Crédit : Gzen92, CC BY-SA 4.0
Le poids du contexte psychiatrique et la question de la prévention
La dépression du post-partum reste un angle mort de nombreuses politiques publiques, alors que des unités mère-enfant, comme celle du centre Charles-Perrens à Bordeaux, existent et sauvent des situations chaque année. Ici, la mère était sortie d’hospitalisation depuis peu et poursuivait un suivi.
Le continuum de soins, entre établissement spécialisé et domicile, est toujours délicat. Entre possibilités de rechute, isolement, surcharge de tâches et culpabilité, l’équilibre est fragile. Les magistrats disposent du regard croisé des psychiatres : antécédents, traitement, dynamique des idées noires, capacité à solliciter de l’aide.
La prévention se niche aussi dans les mots. L’SMS du 3 octobre, « il me faut de l’aide », est l’un de ces signaux faibles qui deviennent décisifs lorsqu’on les relit après coup. On pense à tort que demander de l’aide est un cap facile.
C’est l’inverse. Le dire, l’écrire, revient à nommer la peur d’un dérapage. Les professionnels de santé, comme les proches, savent que ces phrases doivent déclencher des renforts.
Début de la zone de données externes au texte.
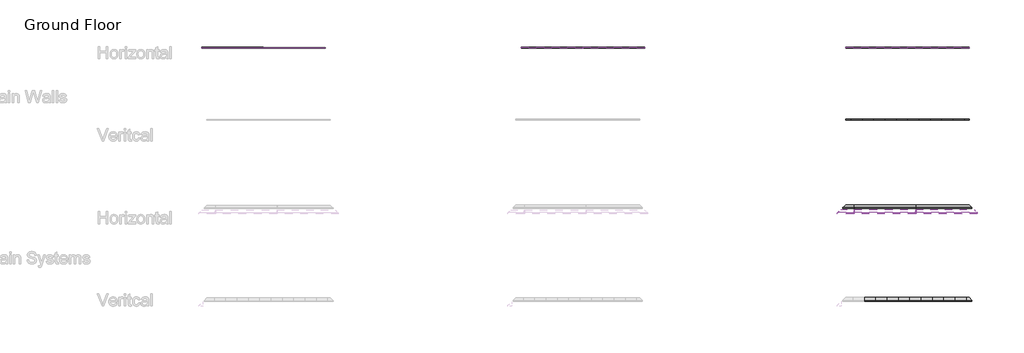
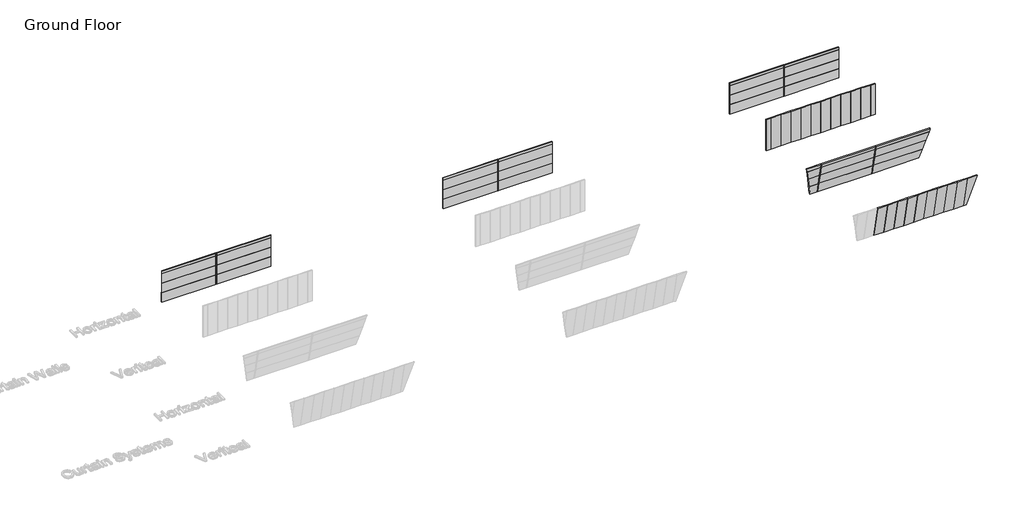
# One storey, part 2 of 8: 58 plates, 20 members.
"""IFC4 building model written with IfcOpenShell, lengths in millimetres."""

from ifc_helpers import new_model, si_unit, origin, place, context, project, spatial, transform, mapped, element, save
from components import rectangular_mullion_pi_mullion_20gap_50depth_70width_047f249b, rectangular_mullion_pi_mullion_20gap_50depth_70width_36eb7031, rectangular_mullion_pi_mullion_20gap_50depth_70width_d86b8fff, rectangular_mullion_pi_mullion_20gap_50depth_70width_81056362, system_panel_8846c3d6, system_panel_697a2945, system_panel_100212cb, system_panel_b5fc7392, system_panel_95cb4938, system_panel_555d0246, system_panel_780dca66, system_panel_5fcba945, system_panel_d5a0d648, system_panel_6c35d96b, system_panel_ded49ce0, system_panel_219c2210, system_panel_4048a440, system_panel_23496e82, system_panel_d2bda2eb, system_panel_ad9feff3, system_panel_d0f74044, system_panel_ee7158d6, system_panel_cab4ce0a, system_panel_4289257d

model = new_model("IFC4")

# Units and contexts
model_context = context("Model", 3, world=origin())
ifc_project = project(units=[si_unit("LENGTHUNIT", "METRE", prefix="MILLI")], contexts=[model_context])

# Site, building, storey
site = spatial("IfcSite", under=ifc_project)
building = spatial("IfcBuilding", under=site)
storey = spatial("IfcBuildingStorey", under=building, Name="Ground Floor", Elevation=0.0)

# Members
placement = place(None, origin())
rectangular_mullion_pi_mullion_20gap_50depth_70width_shape = rectangular_mullion_pi_mullion_20gap_50depth_70width_047f249b(model_context)
element("IfcMember", 1, ObjectType="Rectangular Mullion : PI-Mullion - 20Gap-50Depth-70Width", at=placement, inside=storey, context=model_context, shape_type="MappedRepresentation", body=[
    mapped(rectangular_mullion_pi_mullion_20gap_50depth_70width_shape, transform((17002.466571, 4866.6714822, 0.0), x_axis=(1.0, 0.0, 0.0), y_axis=(0.0, -1.0, 0.0), z_axis=(0.0, 0.0, -1.0))),
])
element("IfcMember", 2, ObjectType="Rectangular Mullion : PI-Mullion - 20Gap-50Depth-70Width", at=placement, inside=storey, context=model_context, shape_type="MappedRepresentation", body=[
    mapped(rectangular_mullion_pi_mullion_20gap_50depth_70width_shape, transform((-14497.533429, 4866.6714822, 0.0), x_axis=(1.0, 0.0, 0.0), y_axis=(0.0, -1.0, 0.0), z_axis=(0.0, 0.0, -1.0))),
])
element("IfcMember", 3, ObjectType="Rectangular Mullion : PI-Mullion - 20Gap-50Depth-70Width", at=placement, inside=storey, context=model_context, shape_type="MappedRepresentation", body=[
    mapped(rectangular_mullion_pi_mullion_20gap_50depth_70width_shape, transform((-45497.533429, 4866.6714822, 0.0), x_axis=(1.0, 0.0, 0.0), y_axis=(0.0, -1.0, 0.0), z_axis=(0.0, 0.0, -1.0))),
])
element("IfcMember", 4, ObjectType="Rectangular Mullion : PI-Mullion - 20Gap-50Depth-70Width", at=placement, inside=storey, context=model_context, shape_type="MappedRepresentation", body=[
    mapped(rectangular_mullion_pi_mullion_20gap_50depth_70width_shape, transform((17002.466571, 4866.6714822, 1100.0), x_axis=(1.0, 0.0, 0.0), y_axis=(0.0, -1.0, 0.0), z_axis=(0.0, 0.0, -1.0))),
])
element("IfcMember", 5, ObjectType="Rectangular Mullion : PI-Mullion - 20Gap-50Depth-70Width", at=placement, inside=storey, context=model_context, shape_type="MappedRepresentation", body=[
    mapped(rectangular_mullion_pi_mullion_20gap_50depth_70width_shape, transform((17002.466571, 4866.6714822, 2200.0), x_axis=(1.0, 0.0, 0.0), y_axis=(0.0, -1.0, 0.0), z_axis=(0.0, 0.0, -1.0))),
])
element("IfcMember", 6, ObjectType="Rectangular Mullion : PI-Mullion - 20Gap-50Depth-70Width", at=placement, inside=storey, context=model_context, shape_type="MappedRepresentation", body=[
    mapped(rectangular_mullion_pi_mullion_20gap_50depth_70width_shape, transform((-14497.533429, 4866.6714822, 1100.0), x_axis=(1.0, 0.0, 0.0), y_axis=(0.0, -1.0, 0.0), z_axis=(0.0, 0.0, -1.0))),
])
element("IfcMember", 7, ObjectType="Rectangular Mullion : PI-Mullion - 20Gap-50Depth-70Width", at=placement, inside=storey, context=model_context, shape_type="MappedRepresentation", body=[
    mapped(rectangular_mullion_pi_mullion_20gap_50depth_70width_shape, transform((-14497.533429, 4866.6714822, 2200.0), x_axis=(1.0, 0.0, 0.0), y_axis=(0.0, -1.0, 0.0), z_axis=(0.0, 0.0, -1.0))),
])
element("IfcMember", 8, ObjectType="Rectangular Mullion : PI-Mullion - 20Gap-50Depth-70Width", at=placement, inside=storey, context=model_context, shape_type="MappedRepresentation", body=[
    mapped(rectangular_mullion_pi_mullion_20gap_50depth_70width_shape, transform((-45497.533429, 4866.6714822, 1100.0), x_axis=(1.0, 0.0, 0.0), y_axis=(0.0, -1.0, 0.0), z_axis=(0.0, 0.0, -1.0))),
])
element("IfcMember", 9, ObjectType="Rectangular Mullion : PI-Mullion - 20Gap-50Depth-70Width", at=placement, inside=storey, context=model_context, shape_type="MappedRepresentation", body=[
    mapped(rectangular_mullion_pi_mullion_20gap_50depth_70width_shape, transform((-45497.533429, 4866.6714822, 2200.0), x_axis=(1.0, 0.0, 0.0), y_axis=(0.0, -1.0, 0.0), z_axis=(0.0, 0.0, -1.0))),
])
rectangular_mullion_pi_mullion_20gap_50depth_70width_2_shape = rectangular_mullion_pi_mullion_20gap_50depth_70width_36eb7031(model_context)
element("IfcMember", 10, ObjectType="Rectangular Mullion : PI-Mullion - 20Gap-50Depth-70Width", at=placement, inside=storey, context=model_context, shape_type="MappedRepresentation", body=[
    mapped(rectangular_mullion_pi_mullion_20gap_50depth_70width_2_shape, transform((-45497.533429, 4866.6714822, 3300.0), x_axis=(1.0, 0.0, 0.0), y_axis=(0.0, -1.0, 0.0), z_axis=(0.0, 0.0, -1.0))),
])
element("IfcMember", 11, ObjectType="Rectangular Mullion : PI-Mullion - 20Gap-50Depth-70Width", at=placement, inside=storey, context=model_context, shape_type="MappedRepresentation", body=[
    mapped(rectangular_mullion_pi_mullion_20gap_50depth_70width_2_shape, transform((-14497.533429, 4866.6714822, 3300.0), x_axis=(1.0, 0.0, 0.0), y_axis=(0.0, -1.0, 0.0), z_axis=(0.0, 0.0, -1.0))),
])
element("IfcMember", 12, ObjectType="Rectangular Mullion : PI-Mullion - 20Gap-50Depth-70Width", at=placement, inside=storey, context=model_context, shape_type="MappedRepresentation", body=[
    mapped(rectangular_mullion_pi_mullion_20gap_50depth_70width_2_shape, transform((17002.466571, 4866.6714822, 3300.0), x_axis=(1.0, 0.0, 0.0), y_axis=(0.0, -1.0, 0.0), z_axis=(0.0, 0.0, -1.0))),
])
rectangular_mullion_pi_mullion_20gap_50depth_70width_3_shape = rectangular_mullion_pi_mullion_20gap_50depth_70width_d86b8fff(model_context)
element("IfcMember", 13, ObjectType="Rectangular Mullion : PI-Mullion - 20Gap-50Depth-70Width", at=placement, inside=storey, context=model_context, shape_type="MappedRepresentation", body=[
    mapped(rectangular_mullion_pi_mullion_20gap_50depth_70width_3_shape, transform((17812.466571, -10929.4787062, 2152.1912103), x_axis=(-1.0, 0.0, 0.0), y_axis=(0.0, -0.9782687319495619, -0.2073409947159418), z_axis=(0.0, -0.2073409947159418, 0.9782687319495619))),
])
element("IfcMember", 14, ObjectType="Rectangular Mullion : PI-Mullion - 20Gap-50Depth-70Width", at=placement, inside=storey, context=model_context, shape_type="MappedRepresentation", body=[
    mapped(rectangular_mullion_pi_mullion_20gap_50depth_70width_3_shape, transform((11812.466571, -10929.4787062, 2152.1912103), x_axis=(-1.0, 0.0, 0.0), y_axis=(0.0, -0.9782687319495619, -0.2073409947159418), z_axis=(0.0, -0.2073409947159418, 0.9782687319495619))),
])
element("IfcMember", 15, ObjectType="Rectangular Mullion : PI-Mullion - 20Gap-50Depth-70Width", at=placement, inside=storey, context=model_context, shape_type="MappedRepresentation", body=[
    mapped(rectangular_mullion_pi_mullion_20gap_50depth_70width_3_shape, transform((17812.466571, -11157.5538004, 3228.2868154), x_axis=(-1.0, 0.0, 0.0), y_axis=(0.0, -0.978268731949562, -0.20734099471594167), z_axis=(0.0, -0.20734099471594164, 0.9782687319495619))),
])
element("IfcMember", 16, ObjectType="Rectangular Mullion : PI-Mullion - 20Gap-50Depth-70Width", at=placement, inside=storey, context=model_context, shape_type="MappedRepresentation", body=[
    mapped(rectangular_mullion_pi_mullion_20gap_50depth_70width_3_shape, transform((11812.466571, -11157.5538004, 3228.2868154), x_axis=(-1.0, 0.0, 0.0), y_axis=(0.0, -0.978268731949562, -0.20734099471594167), z_axis=(0.0, -0.20734099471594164, 0.9782687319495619))),
])
rectangular_mullion_pi_mullion_20gap_50depth_70width_4_shape = rectangular_mullion_pi_mullion_20gap_50depth_70width_81056362(model_context)
element("IfcMember", 17, ObjectType="Rectangular Mullion : PI-Mullion - 20Gap-50Depth-70Width", at=placement, inside=storey, context=model_context, shape_type="MappedRepresentation", body=[
    mapped(rectangular_mullion_pi_mullion_20gap_50depth_70width_4_shape, transform((17812.466571, -11236.337246, 3600.0), x_axis=(-1.0, 0.0, 0.0), y_axis=(0.0, -0.978268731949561, -0.20734099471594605), z_axis=(0.0, -0.20734099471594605, 0.978268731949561))),
])
element("IfcMember", 18, ObjectType="Rectangular Mullion : PI-Mullion - 20Gap-50Depth-70Width", at=placement, inside=storey, context=model_context, shape_type="MappedRepresentation", body=[
    mapped(rectangular_mullion_pi_mullion_20gap_50depth_70width_4_shape, transform((11812.466571, -11236.337246, 3600.0), x_axis=(-1.0, 0.0, 0.0), y_axis=(0.0, -0.978268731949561, -0.20734099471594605), z_axis=(0.0, -0.20734099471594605, 0.978268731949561))),
])
element("IfcMember", 19, ObjectType="Rectangular Mullion : PI-Mullion - 20Gap-50Depth-70Width", at=placement, inside=storey, context=model_context, shape_type="MappedRepresentation", body=[
    mapped(rectangular_mullion_pi_mullion_20gap_50depth_70width_3_shape, transform((17812.466571, -10701.403612, 1076.0956051), x_axis=(-1.0, 0.0, 0.0), y_axis=(0.0, -0.9782687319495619, -0.20734099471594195), z_axis=(0.0, -0.20734099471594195, 0.9782687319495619))),
])
element("IfcMember", 20, ObjectType="Rectangular Mullion : PI-Mullion - 20Gap-50Depth-70Width", at=placement, inside=storey, context=model_context, shape_type="MappedRepresentation", body=[
    mapped(rectangular_mullion_pi_mullion_20gap_50depth_70width_3_shape, transform((11812.466571, -10701.403612, 1076.0956051), x_axis=(-1.0, 0.0, 0.0), y_axis=(0.0, -0.9782687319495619, -0.20734099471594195), z_axis=(0.0, -0.20734099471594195, 0.9782687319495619))),
])

# Plates
system_panel_shape = system_panel_8846c3d6(model_context)
element("IfcPlate", 21, ObjectType="System Panel : Inspire 80mm Horizontal - Plain RHEA-PIR", at=placement, inside=storey, context=model_context, shape_type="MappedRepresentation", body=[
    mapped(system_panel_shape, transform((-17502.533429, 4866.6714822, 0.0), x_axis=(1.0, 0.0, 0.0), y_axis=(0.0, 1.0, 0.0), z_axis=(0.0, 0.0, 1.0))),
])
element("IfcPlate", 22, ObjectType="System Panel : Inspire 80mm Horizontal - Plain RHEA-PIR", at=placement, inside=storey, context=model_context, shape_type="MappedRepresentation", body=[
    mapped(system_panel_shape, transform((-17502.533429, 4866.6714822, 1100.0), x_axis=(1.0, 0.0, 0.0), y_axis=(0.0, 1.0, 0.0), z_axis=(0.0, 0.0, 1.0))),
])
element("IfcPlate", 23, ObjectType="System Panel : Inspire 80mm Horizontal - Plain RHEA-PIR", at=placement, inside=storey, context=model_context, shape_type="MappedRepresentation", body=[
    mapped(system_panel_shape, transform((-17502.533429, 4866.6714822, 2200.0), x_axis=(1.0, 0.0, 0.0), y_axis=(0.0, 1.0, 0.0), z_axis=(0.0, 0.0, 1.0))),
])
element("IfcPlate", 24, ObjectType="System Panel : Inspire 80mm Horizontal - Plain RHEA-PIR", at=placement, inside=storey, context=model_context, shape_type="MappedRepresentation", body=[
    mapped(system_panel_shape, transform((-11492.533429, 4866.6714822, 0.0), x_axis=(1.0, 0.0, 0.0), y_axis=(0.0, 1.0, 0.0), z_axis=(0.0, 0.0, 1.0))),
])
element("IfcPlate", 25, ObjectType="System Panel : Inspire 80mm Horizontal - Plain RHEA-PIR", at=placement, inside=storey, context=model_context, shape_type="MappedRepresentation", body=[
    mapped(system_panel_shape, transform((-11492.533429, 4866.6714822, 1100.0), x_axis=(1.0, 0.0, 0.0), y_axis=(0.0, 1.0, 0.0), z_axis=(0.0, 0.0, 1.0))),
])
element("IfcPlate", 26, ObjectType="System Panel : Inspire 80mm Horizontal - Plain RHEA-PIR", at=placement, inside=storey, context=model_context, shape_type="MappedRepresentation", body=[
    mapped(system_panel_shape, transform((-11492.533429, 4866.6714822, 2200.0), x_axis=(1.0, 0.0, 0.0), y_axis=(0.0, 1.0, 0.0), z_axis=(0.0, 0.0, 1.0))),
])
element("IfcPlate", 27, ObjectType="System Panel : Inspire 80mm Horizontal - Plain RHEA-PIR", at=placement, inside=storey, context=model_context, shape_type="MappedRepresentation", body=[
    mapped(system_panel_shape, transform((-48502.533429, 4866.6714822, 0.0), x_axis=(1.0, 0.0, 0.0), y_axis=(0.0, 1.0, 0.0), z_axis=(0.0, 0.0, 1.0))),
])
system_panel_2_shape = system_panel_697a2945(model_context)
element("IfcPlate", 28, ObjectType="System Panel : Inspire 50mm Horizontal - Plain RHEA-PIR", at=placement, inside=storey, context=model_context, shape_type="MappedRepresentation", body=[
    mapped(system_panel_2_shape, transform((-48502.533429, 4866.6714822, 1100.0), x_axis=(1.0, 0.0, 0.0), y_axis=(0.0, 1.0, 0.0), z_axis=(0.0, 0.0, 1.0))),
])
element("IfcPlate", 29, ObjectType="System Panel : Inspire 50mm Horizontal - Plain RHEA-PIR", at=placement, inside=storey, context=model_context, shape_type="MappedRepresentation", body=[
    mapped(system_panel_2_shape, transform((-48502.533429, 4866.6714822, 2200.0), x_axis=(1.0, 0.0, 0.0), y_axis=(0.0, 1.0, 0.0), z_axis=(0.0, 0.0, 1.0))),
])
element("IfcPlate", 30, ObjectType="System Panel : Inspire 50mm Horizontal - Plain RHEA-PIR", at=placement, inside=storey, context=model_context, shape_type="MappedRepresentation", body=[
    mapped(system_panel_2_shape, transform((-42492.533429, 4866.6714822, 0.0), x_axis=(1.0, 0.0, 0.0), y_axis=(0.0, 1.0, 0.0), z_axis=(0.0, 0.0, 1.0))),
])
element("IfcPlate", 31, ObjectType="System Panel : Inspire 50mm Horizontal - Plain RHEA-PIR", at=placement, inside=storey, context=model_context, shape_type="MappedRepresentation", body=[
    mapped(system_panel_2_shape, transform((-42492.533429, 4866.6714822, 1100.0), x_axis=(1.0, 0.0, 0.0), y_axis=(0.0, 1.0, 0.0), z_axis=(0.0, 0.0, 1.0))),
])
element("IfcPlate", 32, ObjectType="System Panel : Inspire 50mm Horizontal - Plain RHEA-PIR", at=placement, inside=storey, context=model_context, shape_type="MappedRepresentation", body=[
    mapped(system_panel_2_shape, transform((-42492.533429, 4866.6714822, 2200.0), x_axis=(1.0, 0.0, 0.0), y_axis=(0.0, 1.0, 0.0), z_axis=(0.0, 0.0, 1.0))),
])
system_panel_3_shape = system_panel_100212cb(model_context)
element("IfcPlate", 33, ObjectType="System Panel : Inspire 50mm Horizontal - Plain RHEA-PIR", at=placement, inside=storey, context=model_context, shape_type="MappedRepresentation", body=[
    mapped(system_panel_3_shape, transform((-48502.533429, 4866.6714822, 3300.0), x_axis=(1.0, 0.0, 0.0), y_axis=(0.0, 1.0, 0.0), z_axis=(0.0, 0.0, 1.0))),
])
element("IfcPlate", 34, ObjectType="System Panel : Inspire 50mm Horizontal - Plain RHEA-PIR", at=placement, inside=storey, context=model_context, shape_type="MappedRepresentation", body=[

Au procès, elles pèseront en humanité. En droit, elles ne suffisent pas à expliquer le mécanisme létal relevé par les autopsies.
Le verdict se jouera sur un dernier détail médico-légal
Le droit, la psychiatrie et la médecine légale ne parlent pas la même langue, mais la cour d’assises tentera de les faire converger. La peine encourue et la qualification exacte des faits dépendront de l’intentionnalité et de l’altération du discernement.
Les autopsies livrent un point de bascule, simple et terrible, qui referme le dossier sur une réalité anatomique : la révélation principale, attendue au terme des débats, tient à ceci que la mort d’Ambre et d’Emma ne résulterait pas d’un doudou posé par accident, mais d’une obstruction complète du nez et de la bouche, maintenue par une pression de la main.